Someone was saying they pay a tenner to get their hair dyed by a trainee at a big name salon. Or what about the training college?


----------



## breasticles (Jul 12, 2007)

PinkDingo said:
			
		

> I need the same - decent cut, decent price. I'm probably going to try Supercuts in The Gallerys later this week as I have to go to town anyway. Prices are from £11 I think. I will report back if you like!



that would be great, i walked past there yesterday. i went to a supercuts in london and it was fine. if a bit stinky.


----------



## Thimble Queen (Jul 12, 2007)

Cant you get your haircut as a model in a hairdressers or at a hairdressing college. Some will do it for a fiver or even free if your lucky


----------



## sojourner (Jul 12, 2007)

Nothing to add

Just wanted to say I love your username    I love that word


----------



## madzone (Jul 12, 2007)

sojourner said:
			
		

> Nothing to add
> 
> Just wanted to say I love your username    I love that word


Fuck off out of our forum!  

Fucking northerners....bloody liberty.....


----------



## breasticles (Jul 14, 2007)

sojourner said:
			
		

> Just wanted to say I love your username    I love that word



thankyou! although having read knobbing and sobbing this morning im wishing i'd waited a week to rejoin, because i rully rully wish i could have had 'paradoxical cockpig' as a username... genius...

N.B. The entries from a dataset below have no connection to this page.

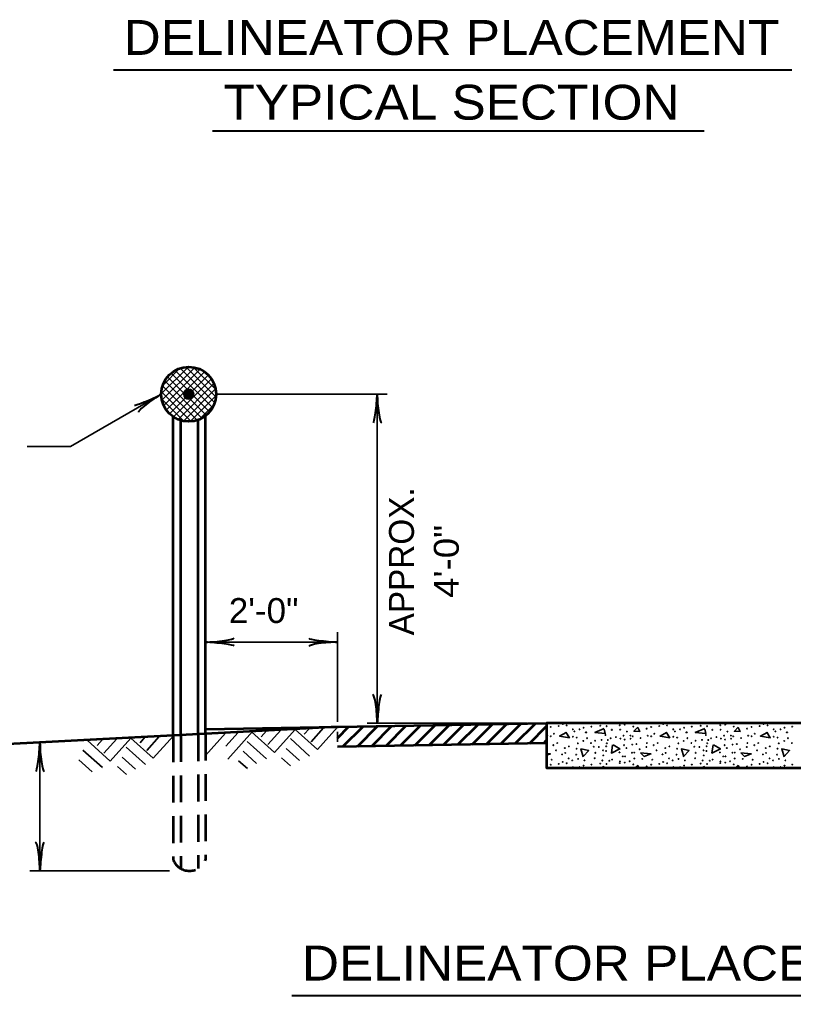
# Model space of a CAD drawing. Extents: x -54 to 626, y -41 to 399.
# Drawn here: x 39.2 to 116.9, y 192.7 to 290.7 of the extents above; entities that cross this region are included whole.
import ezdxf
from ezdxf.enums import TextEntityAlignment as Align

# ---------------------------------------------------------------- set-up
doc = ezdxf.new("R2010")
doc.units = 0
doc.header["$LTSCALE"] = 0.9
doc.linetypes.add('MEDIUM_DASHED', pattern=[4.5, 3, -1.5])
doc.layers.add('1', color=7, linetype='Continuous', lineweight=35)

msp = doc.modelspace()

# ---------------------------------------------------------------- hatches: boundary and pattern name
at = {"layer": '1'}
msp.add_hatch(color=256, dxfattribs=at).paths.add_polyline_path([(56.6827, 253.0622, 1), (55.6827, 253.0622, 1)])

# ---------------------------------------------------------------- linework, layer by layer
at = {"layer": '1', "lineweight": 40}
for p, q in [((48.6275, 285.6172), (116.6877, 285.6172)), ((58.5788, 279.5087), (107.9091, 279.5087)), ((66.5198, 192.7051), (134.58, 192.7051))]:
    msp.add_line(p, q, dxfattribs=at)
at = {"layer": '1'}
for p, q in [((53.4336, 253.0907), (56.153, 255.8101)), ((53.5029, 252.4528), (56.7912, 255.7412)), ((58.9153, 252.7899), (55.9091, 255.796)), ((58.8888, 253.5233), (56.6437, 255.7686)), ((53.5838, 253.948), (55.2978, 255.6619)), ((53.6836, 251.9264), (57.3184, 255.5613)), ((53.9397, 251.4755), (57.7702, 255.3059)), ((57.932, 250.9447), (54.0658, 254.8108)), ((54.2669, 251.0956), (58.1491, 254.9777)), ((58.2862, 251.2975), (54.4172, 255.1667)), ((58.5766, 251.7143), (54.8357, 255.4552)), ((58.7911, 252.2069), (55.327, 255.671)), ((58.2694, 254.8499), (57.9722, 255.1471)), ((57.016, 250.4465), (53.5672, 253.8953)), ((57.5109, 250.6586), (53.7781, 254.3915)), ((54.6566, 250.7782), (58.4674, 254.589)), ((55.1167, 250.5312), (58.7132, 254.1277)), ((56.429, 250.3264), (53.4478, 253.3075)), ((55.6601, 250.3674), (58.8776, 253.5849)), ((56.3205, 250.3207), (58.9248, 252.9251)), ((58.9327, 253.0622), (76.1023, 253.0622)), ((75.1023, 220.0399), (75.1023, 253.0622)), ((55.6857, 250.3625), (53.483, 252.5652)), ((57.2318, 250.5249), (58.7233, 252.0164)), ((71.1055, 220.1734), (71.1055, 229.1734)), ((71.1055, 228.1734), (57.8781, 228.1734)), ((68.2715, 219.4848), (67.7794, 218.9383)), ((69.7095, 219.5602), (68.4604, 218.1729)), ((71.1276, 219.6345), (69.1025, 217.3854)), ((90.1023, 220.0399), (74.1023, 220.0399)), ((48.958, 218.4725), (47.6521, 217.0222)), ((50.376, 218.5468), (48.3142, 216.2357)), ((50.376, 218.5468), (52.6251, 216.5217)), ((51.7941, 218.6212), (51.302, 218.0747)), ((53.2321, 218.6965), (51.983, 217.3092)), ((54.6502, 218.7708), (52.6251, 216.5217)), ((59.883, 219.0452), (57.8579, 216.7961)), ((61.1612, 219.1122), (59.9122, 217.7249)), ((62.5793, 219.1865), (60.1, 216.433)), ((62.4794, 219.1813), (64.7916, 217.0994)), ((63.9973, 219.2608), (63.4685, 218.6523)), ((65.4354, 219.3362), (64.1295, 217.8858)), ((66.8534, 219.4105), (64.7916, 217.0994)), ((66.3812, 218.4845), (68.315, 216.7433)), ((66.8534, 219.4105), (69.1025, 217.3854)), ((71.1055, 219.1734), (71.1055, 218.1731)), ((41.2531, 205.214), (41.2531, 218.0564)), ((46.002, 218.3176), (48.3142, 216.2357)), ((47.5199, 218.3972), (46.9911, 217.7887)), ((49.9038, 217.6208), (51.8376, 215.8797)), ((62.0503, 218.1975), (64.0041, 216.4573)), ((65.9721, 217.5017), (67.3173, 216.2905)), ((45.5729, 217.3338), (47.5267, 215.5937)), ((49.4947, 216.6381), (50.8399, 215.4268)), ((61.6412, 217.2147), (62.9864, 216.0034)), ((65.501, 216.5558), (66.4048, 215.742)), ((45.1638, 216.351), (46.509, 215.1397)), ((49.0236, 215.6922), (49.9274, 214.8783)), ((61.1901, 216.2698), (62.0928, 215.4759)), ((97.8798, 215.6893), (97.5102, 215.5399)), ((97.9035, 215.5399), (97.8798, 215.6493)), ((101.2398, 215.8293), (100.9648, 215.5399)), ((101.3644, 215.5399), (101.2398, 215.7893)), ((107.9597, 215.6893), (107.5902, 215.5399)), ((107.9835, 215.5399), (107.9597, 215.6493)), ((111.3197, 215.8293), (111.0448, 215.5399)), ((111.4444, 215.5399), (111.3197, 215.7893)), ((54.2531, 205.214), (40.2531, 205.214))]:
    msp.add_line(p, q, dxfattribs=at)
at = {"layer": '1', "lineweight": 53}
for p, q in [((54.6281, 218.8098), (54.6281, 250.7938)), ((57.8781, 218.9802), (57.8781, 250.8971)), ((55.3781, 218.8492), (55.3781, 250.4326)), ((57.1281, 218.9408), (57.1281, 250.4798)), ((57.8781, 219.4425), (92.1023, 220.0399)), ((71.1055, 218.5373), (72.2617, 219.6936)), ((71.6652, 217.6828), (73.7011, 219.7188)), ((73.1045, 217.708), (75.1404, 219.7438)), ((74.5439, 217.7331), (76.5798, 219.769)), ((75.9832, 217.7583), (78.0191, 219.7941)), ((77.4226, 217.7833), (79.4584, 219.8192)), ((78.8619, 217.8085), (80.8978, 219.8443)), ((80.3012, 217.8336), (82.3371, 219.8695)), ((81.7406, 217.8587), (83.7764, 219.8946)), ((83.1799, 217.8838), (85.2157, 219.9197)), ((84.6192, 217.909), (86.6551, 219.9448)), ((86.0586, 217.9341), (88.0944, 219.97)), ((87.4979, 217.9592), (89.5337, 219.9951)), ((88.9372, 217.9843), (90.9731, 220.0202)), ((90.3766, 218.0095), (92.1023, 219.7352)), ((54.6281, 218.8097), (15.6813, 216.7685)), ((92.1023, 218.0396), (71.1055, 217.6731)), ((91.8159, 218.0346), (92.1023, 218.321))]:
    msp.add_line(p, q, dxfattribs=at)
at = {"layer": '1', "linetype": 'MEDIUM_DASHED', "lineweight": 53}
for p, q in [((54.6281, 218.8098), (54.6281, 206.3098)), ((55.3781, 218.8492), (55.3781, 205.4481)), ((57.1281, 218.9408), (57.1281, 205.4481)), ((57.8781, 218.9802), (57.8781, 206.3098))]:
    msp.add_line(p, q, dxfattribs=at)
at = {"layer": '1'}
for points in [[(53.4327, 253.0622), (44.3074, 247.8093), (39.9817, 247.8093)], [(97.8798, 219.4893), (96.9398, 219.1093), (97.9797, 218.9893), (97.8798, 219.4493)], [(101.2398, 219.6293), (100.8597, 219.2293), (101.4398, 219.1893), (101.2398, 219.5893)], [(107.9597, 219.4893), (107.0198, 219.1093), (108.0597, 218.9893), (107.9597, 219.4493)], [(111.3197, 219.6293), (110.9397, 219.2293), (111.5198, 219.1893), (111.3197, 219.5893)], [(94.0597, 219.1093), (93.3997, 218.7493), (94.3798, 218.5693), (94.0198, 219.1293)], [(104.1397, 219.1093), (103.4797, 218.7493), (104.4597, 218.5693), (104.0998, 219.1293)], [(114.2197, 219.1093), (113.5597, 218.7493), (114.5397, 218.5693), (114.1797, 219.1293)], [(98.7597, 217.8493), (99.4597, 217.4493), (98.5998, 217.0293), (98.7197, 217.8693)], [(108.8397, 217.8493), (109.5397, 217.4493), (108.6797, 217.0293), (108.7998, 217.8693)], [(92.1023, 216.9929), (92.4797, 216.9493), (92.1023, 216.8162)], [(95.7797, 216.6493), (95.5397, 217.4493), (96.3197, 217.2893), (95.7597, 216.6893)], [(105.8597, 216.6493), (105.6197, 217.4493), (106.3997, 217.2893), (105.8397, 216.6893)], [(115.9397, 216.6493), (115.6997, 217.4493), (116.4797, 217.2893), (115.9197, 216.6893)]]:
    msp.add_lwpolyline(points, dxfattribs=at)
at = {"layer": '1', "lineweight": 53}
for points in [[(71.1055, 219.6734), (57.8781, 218.9802), (54.6281, 218.8097), (45.6523, 218.3393)], [(163.6023, 220.0399), (92.1023, 220.0399), (92.1023, 218.0396), (92.1023, 215.5399), (163.6023, 215.5399)]]:
    msp.add_lwpolyline(points, dxfattribs=at)
at = {"layer": '1'}
for points in [[(101.5198, 217.0693), (102.5597, 216.9493), (101.8798, 216.7093)], [(111.5998, 217.0693), (112.6397, 216.9493), (111.9597, 216.7093)]]:
    msp.add_lwpolyline(points, close=True, dxfattribs=at)
at = {"layer": '1', "lineweight": 53}
msp.add_circle((56.1827, 253.0622), 2.75, dxfattribs=at)
at = {"layer": '1'}
for centre, radius in [((56.1827, 253.0622), 0.5), ((92.5079, 219.66), 0.0265), ((93.3163, 219.7528), 0.0265), ((93.7139, 219.9469), 0.0265), ((94.1115, 219.8191), 0.0265), ((94.7343, 219.4214), 0.0265), ((95.4103, 219.4214), 0.0265), ((95.8079, 219.5805), 0.0265), ((96.5898, 219.6865), 0.0265), ((97.4778, 219.7794), 0.0265), ((98.1139, 219.7395), 0.0265), ((99.4392, 219.8324), 0.0265), ((99.4525, 219.9999), 0.0265), ((99.9428, 219.8854), 0.0265), ((100.4332, 220.0131), 0.0265), ((100.7987, 219.6998), 0.0265), ((102.1372, 219.4877), 0.0265), ((102.5879, 219.66), 0.0265), ((103.3963, 219.7528), 0.0265), ((103.7939, 219.9469), 0.0265), ((104.1915, 219.8191), 0.0265), ((104.8143, 219.4214), 0.0265), ((105.4903, 219.4214), 0.0265), ((105.8879, 219.5805), 0.0265), ((106.6698, 219.6865), 0.0265), ((107.5578, 219.7794), 0.0265), ((108.1939, 219.7395), 0.0265), ((109.5192, 219.8324), 0.0265), ((109.5325, 219.9999), 0.0265), ((110.0228, 219.8854), 0.0265), ((110.5132, 220.0131), 0.0265), ((110.8787, 219.6998), 0.0265), ((112.2172, 219.4877), 0.0265), ((112.6679, 219.66), 0.0265), ((113.4763, 219.7528), 0.0265), ((113.8739, 219.9469), 0.0265), ((114.2715, 219.8191), 0.0265), ((114.8943, 219.4214), 0.0265), ((115.5703, 219.4214), 0.0265), ((115.9679, 219.5805), 0.0265), ((116.7498, 219.6865), 0.0265), ((92.1632, 218.7718), 0.0265), ((92.5079, 218.732), 0.0265), ((92.8259, 218.9707), 0.0265), ((94.7344, 218.679), 0.0265), ((94.8934, 219.2092), 0.0265), ((95.1187, 218.5862), 0.0265), ((96.0332, 219.1165), 0.0265), ((96.0862, 219.1165), 0.0265), ((96.1525, 218.5331), 0.0265), ((98.0079, 218.8513), 0.0265), ((98.5247, 218.5199), 0.0265), ((98.644, 219.3683), 0.0265), ((99.0549, 218.6392), 0.0265), ((99.479, 219.3816), 0.0265), ((99.5055, 218.4934), 0.0265), ((99.8235, 218.785), 0.0265), ((100.1549, 219.1961), 0.0265), ((100.5128, 218.7983), 0.0265), ((100.5259, 218.4801), 0.0265), ((100.7457, 218.7188), 0.0265), ((101.5276, 218.5464), 0.0265), ((102.2432, 218.7718), 0.0265), ((102.5879, 218.732), 0.0265), ((102.9059, 218.9707), 0.0265), ((104.8144, 218.679), 0.0265), ((104.9734, 219.2092), 0.0265), ((105.1987, 218.5862), 0.0265), ((106.1132, 219.1165), 0.0265), ((106.1662, 219.1165), 0.0265), ((106.2325, 218.5331), 0.0265), ((108.0879, 218.8513), 0.0265), ((108.6047, 218.5199), 0.0265), ((108.724, 219.3683), 0.0265), ((109.1349, 218.6392), 0.0265), ((109.559, 219.3816), 0.0265), ((109.5855, 218.4934), 0.0265), ((109.9035, 218.785), 0.0265), ((110.2349, 219.1961), 0.0265), ((110.5928, 218.7983), 0.0265), ((110.6059, 218.4801), 0.0265), ((110.8257, 218.7188), 0.0265), ((111.6076, 218.5464), 0.0265), ((112.3232, 218.7718), 0.0265), ((112.6679, 218.732), 0.0265), ((112.9859, 218.9707), 0.0265), ((114.8944, 218.679), 0.0265), ((115.0534, 219.2092), 0.0265), ((115.2787, 218.5862), 0.0265), ((116.1932, 219.1165), 0.0265), ((116.2462, 219.1165), 0.0265), ((116.3125, 218.5331), 0.0265), ((92.7729, 217.8306), 0.0265), ((93.1705, 218.0427), 0.0265), ((93.9259, 217.5388), 0.0265), ((94.3367, 217.7112), 0.0265), ((95.1054, 217.4725), 0.0265), ((95.238, 218.0161), 0.0265), ((95.7814, 218.2548), 0.0265), ((96.5501, 218.0427), 0.0265), ((96.8283, 217.6715), 0.0265), ((96.9609, 218.268), 0.0265), ((97.3452, 217.6449), 0.0265), ((97.6103, 218.3608), 0.0265), ((98.0742, 217.7245), 0.0265), ((98.1404, 218.0294), 0.0265), ((98.2464, 218.3476), 0.0265), ((99.8765, 217.8306), 0.0265), ((99.9296, 218.3873), 0.0265), ((100.1019, 217.5388), 0.0265), ((100.685, 217.8836), 0.0265), ((101.1034, 217.9366), 0.0265), ((102.1108, 217.6449), 0.0265), ((102.1637, 218.0427), 0.0265), ((102.8529, 217.8306), 0.0265), ((103.2505, 218.0427), 0.0265), ((104.0059, 217.5388), 0.0265), ((104.4167, 217.7112), 0.0265), ((105.1854, 217.4725), 0.0265), ((105.318, 218.0161), 0.0265), ((105.8614, 218.2548), 0.0265), ((106.6301, 218.0427), 0.0265), ((106.9083, 217.6715), 0.0265), ((107.0409, 218.268), 0.0265), ((107.4252, 217.6449), 0.0265), ((107.6903, 218.3608), 0.0265), ((108.1542, 217.7245), 0.0265), ((108.2204, 218.0294), 0.0265), ((108.3264, 218.3476), 0.0265), ((109.9565, 217.8306), 0.0265), ((110.0096, 218.3873), 0.0265), ((110.1819, 217.5388), 0.0265), ((110.765, 217.8836), 0.0265), ((111.1834, 217.9366), 0.0265), ((112.1908, 217.6449), 0.0265), ((112.2437, 218.0427), 0.0265), ((112.9329, 217.8306), 0.0265), ((113.3305, 218.0427), 0.0265), ((114.0859, 217.5388), 0.0265), ((114.4967, 217.7112), 0.0265), ((115.2654, 217.4725), 0.0265), ((115.398, 218.0161), 0.0265), ((115.9414, 218.2548), 0.0265), ((116.7101, 218.0427), 0.0265), ((93.0512, 217.3134), 0.0265), ((93.6476, 216.9025), 0.0265), ((93.9657, 217.0483), 0.0265), ((94.3103, 216.5048), 0.0265), ((95.0657, 216.876), 0.0265), ((96.9212, 216.5181), 0.0265), ((96.9874, 217.0616), 0.0265), ((97.7693, 217.3134), 0.0265), ((97.7826, 216.7964), 0.0265), ((98.0609, 217.2472), 0.0265), ((99.4127, 217.1013), 0.0265), ((99.7441, 216.7036), 0.0265), ((99.9694, 216.7036), 0.0265), ((100.6653, 217.0726), 0.0265), ((100.8914, 217.0882), 0.0265), ((100.8914, 216.4915), 0.0265), ((101.4348, 217.4195), 0.0265), ((103.1312, 217.3134), 0.0265), ((103.7276, 216.9025), 0.0265), ((104.0457, 217.0483), 0.0265), ((104.3903, 216.5048), 0.0265), ((105.1457, 216.876), 0.0265), ((107.0012, 216.5181), 0.0265), ((107.0674, 217.0616), 0.0265), ((107.8493, 217.3134), 0.0265), ((107.8626, 216.7964), 0.0265), ((108.1409, 217.2472), 0.0265), ((109.4927, 217.1013), 0.0265), ((109.8241, 216.7036), 0.0265), ((110.0494, 216.7036), 0.0265), ((110.7453, 217.0726), 0.0265), ((110.9714, 217.0882), 0.0265), ((110.9714, 216.4915), 0.0265), ((111.5148, 217.4195), 0.0265), ((113.2112, 217.3134), 0.0265), ((113.8076, 216.9025), 0.0265), ((114.1257, 217.0483), 0.0265), ((114.4703, 216.5048), 0.0265), ((115.2257, 216.876), 0.0265), ((92.5079, 215.86), 0.0265), ((92.6139, 216.3722), 0.0265), ((93.3163, 215.9528), 0.0265), ((93.7139, 216.1469), 0.0265), ((94.1115, 216.0191), 0.0265), ((94.6681, 216.3059), 0.0265), ((94.7343, 215.6214), 0.0265), ((95.2512, 216.4518), 0.0265), ((95.4103, 215.6214), 0.0265), ((95.8079, 215.7805), 0.0265), ((95.9007, 216.3059), 0.0265), ((96.5898, 215.8865), 0.0265), ((97.4778, 215.9794), 0.0265), ((97.6899, 216.2927), 0.0265), ((98.1139, 215.9395), 0.0265), ((98.3923, 216.2661), 0.0265), ((98.644, 215.5683), 0.0265), ((98.6706, 216.3854), 0.0265), ((99.4392, 216.0324), 0.0265), ((99.4525, 216.1999), 0.0265), ((99.479, 215.5816), 0.0265), ((99.9428, 216.0854), 0.0265), ((100.4332, 216.2131), 0.0265), ((100.7987, 215.8998), 0.0265), ((101.6999, 216.4518), 0.0265), ((102.1372, 215.6877), 0.0265), ((102.5879, 215.86), 0.0265), ((102.6939, 216.3722), 0.0265), ((103.3963, 215.9528), 0.0265), ((103.7939, 216.1469), 0.0265), ((104.1915, 216.0191), 0.0265), ((104.7481, 216.3059), 0.0265), ((104.8143, 215.6214), 0.0265), ((105.3312, 216.4518), 0.0265), ((105.4903, 215.6214), 0.0265), ((105.8879, 215.7805), 0.0265), ((105.9807, 216.3059), 0.0265), ((106.6698, 215.8865), 0.0265), ((107.5578, 215.9794), 0.0265), ((107.7699, 216.2927), 0.0265), ((108.1939, 215.9395), 0.0265), ((108.4723, 216.2661), 0.0265), ((108.724, 215.5683), 0.0265), ((108.7506, 216.3854), 0.0265), ((109.5192, 216.0324), 0.0265), ((109.5325, 216.1999), 0.0265), ((109.559, 215.5816), 0.0265), ((110.0228, 216.0854), 0.0265), ((110.5132, 216.2131), 0.0265), ((110.8787, 215.8998), 0.0265), ((111.7799, 216.4518), 0.0265), ((112.2172, 215.6877), 0.0265), ((112.6679, 215.86), 0.0265), ((112.7739, 216.3722), 0.0265), ((113.4763, 215.9528), 0.0265), ((113.8739, 216.1469), 0.0265), ((114.2715, 216.0191), 0.0265), ((114.8281, 216.3059), 0.0265), ((114.8943, 215.6214), 0.0265), ((115.4112, 216.4518), 0.0265), ((115.5703, 215.6214), 0.0265), ((115.9679, 215.7805), 0.0265), ((116.0607, 216.3059), 0.0265), ((116.7498, 215.8865), 0.0265)]:
    msp.add_circle(centre, radius, dxfattribs=at)
for centre, start, end in [((98.3923, 220.0661), 262.28656, 277.71344), ((108.4723, 220.0661), 262.28656, 277.71344), ((92.0837, 218.0427), 314.79633, 45.20368)]:
    msp.add_arc(centre, 0.0265, start, end, dxfattribs=at)
at = {"layer": '1', "linetype": 'MEDIUM_DASHED', "lineweight": 53}
msp.add_arc((56.2531, 206.9668), 1.7528, 202.01371, 337.98629, dxfattribs=at)
at = {"layer": '1', "lineweight": 40}
for centre, major_axis, ratio, start_param, end_param in [((52.356, 252.6866), (1.6099, 0.724), 0.07063, 3.1407148, 5.41811), ((52.356, 252.6866), (1.6099, 0.724), 0.07063, 3.1407148, 5.41811), ((52.6248, 252.2784), (1.4697, 1.0262), 0.122415, 0.8963533, 3.1415927), ((52.6248, 252.2784), (1.4697, 1.0262), 0.122415, 0.8963533, 3.1415927), ((74.8907, 251.9417), (0.1757, 1.7565), 0.07063, 3.1407148, 5.41811), ((75.3786, 251.9711), (-0.1562, 1.7857), 0.122415, 0.8963533, 3.1415927), ((58.9693, 228.4497), (-1.7857, -0.1562), 0.122415, 0.8963533, 3.1415927), ((69.985, 228.385), (1.7565, -0.1757), 0.07063, 3.1407148, 5.41811), ((58.9986, 227.9618), (-1.7565, 0.1757), 0.07063, 3.1407148, 5.41811), ((70.0143, 227.8971), (1.7857, 0.1562), 0.122415, 0.8963533, 3.1415927), ((74.826, 221.1311), (0.1562, -1.7857), 0.122415, 0.8963533, 3.1415927), ((75.3139, 221.1604), (-0.1757, -1.7565), 0.07063, 3.1407148, 5.41811), ((41.0415, 216.9359), (0.1757, 1.7565), 0.07063, 3.1407148, 5.41811), ((41.0415, 216.9359), (0.1757, 1.7565), 0.07063, 3.1407148, 5.41811), ((41.5294, 216.9652), (-0.1562, 1.7857), 0.122415, 0.8963533, 3.1415927), ((41.5294, 216.9652), (-0.1562, 1.7857), 0.122415, 0.8963533, 3.1415927), ((40.9768, 206.3052), (0.1562, -1.7857), 0.122415, 0.8963533, 3.1415927), ((41.4647, 206.3345), (-0.1757, -1.7565), 0.07063, 3.1407148, 5.41811)]:
    msp.add_ellipse(centre, major_axis=major_axis, ratio=ratio, start_param=start_param, end_param=end_param, dxfattribs=at)

# ---------------------------------------------------------------- texts
at = {"layer": '1', "width": 1.1}
for s, p in [('DELINEATOR PLACEMENT', (82.5526, 287.1172)), ('TYPICAL SECTION', (82.5527, 280.6172)), ('DELINEATOR PLACEMENT', (100.4449, 194.2051))]:
    msp.add_text(s, height=3.5, dxfattribs=at).set_placement(p, align=Align.CENTER)
at = {"layer": '1'}
msp.add_text('APPROX.', height=2.5, rotation=90, dxfattribs=at).set_placement((78.7834, 236.2825), align=Align.CENTER)
at = {"layer": '1', "width": 1.1}
msp.add_text('4\'-0"', height=2.5, rotation=90, dxfattribs=at).set_placement((83.2834, 236.2825), align=Align.CENTER)
at = {"layer": '1', "width": 1.05}
msp.add_text('2\'-0"', height=2.5, dxfattribs=at).set_placement((60.2077, 230.0927))

doc.saveas('drawing.dxf')

i made a terrible cockup! i decided to dye my hair on my own! now i have shaggy orange hair with brown roots! i am the queen of the numpty people.


----------



## geminisnake (Jul 14, 2007)

madzone said:
			
		

> Fuck off out of our forum!
> 
> Fucking northerners....bloody liberty.....



Like you never go in other forums


----------



## madzone (Jul 14, 2007)

geminisnake said:
			
		

> Like you never go in other forums


And another one! Get out!

*grabs sweeping brush and sweeps the nutty northerners out*

I have dual nationality, I'm allowed


----------



## geminisnake (Jul 15, 2007)

madzone said:
			
		

> I have dual nationality, I'm allowed



I visit Bristol regularly enough to be in here  

Goes to Alba forum to make sure madz hasn't been in


----------



## PinkDingo (Jul 19, 2007)

breasticles said:
			
		

> that would be great, i walked past there yesterday. i went to a supercuts in london and it was fine. if a bit stinky.



_<ignores more recent posts> _ 

Sorry to not have replied yet, breasticles! (love your username!)

I did go into Supercuts in the Galleries but the wait was an hour til a cut and I didn't have the time before I had to be somewhere else! Disappointed not to have my hair cut and still need it done. 
What area of Bristol are you? I'm North Bristol going to try somewhere this week.


----------



## Geri (Jul 20, 2007)

When I lived on Gloucester Road I used to go to Mark Justin - I can't remember if they were particularly cheap but they were very good.

Before that I used to go to the one under the Arches, because my hair was very short - they don't normally accept women!


----------



## butterfly child (Jul 29, 2007)

I often talk barbers into cutting my hair.. I find telling them I don't want it styling helps


----------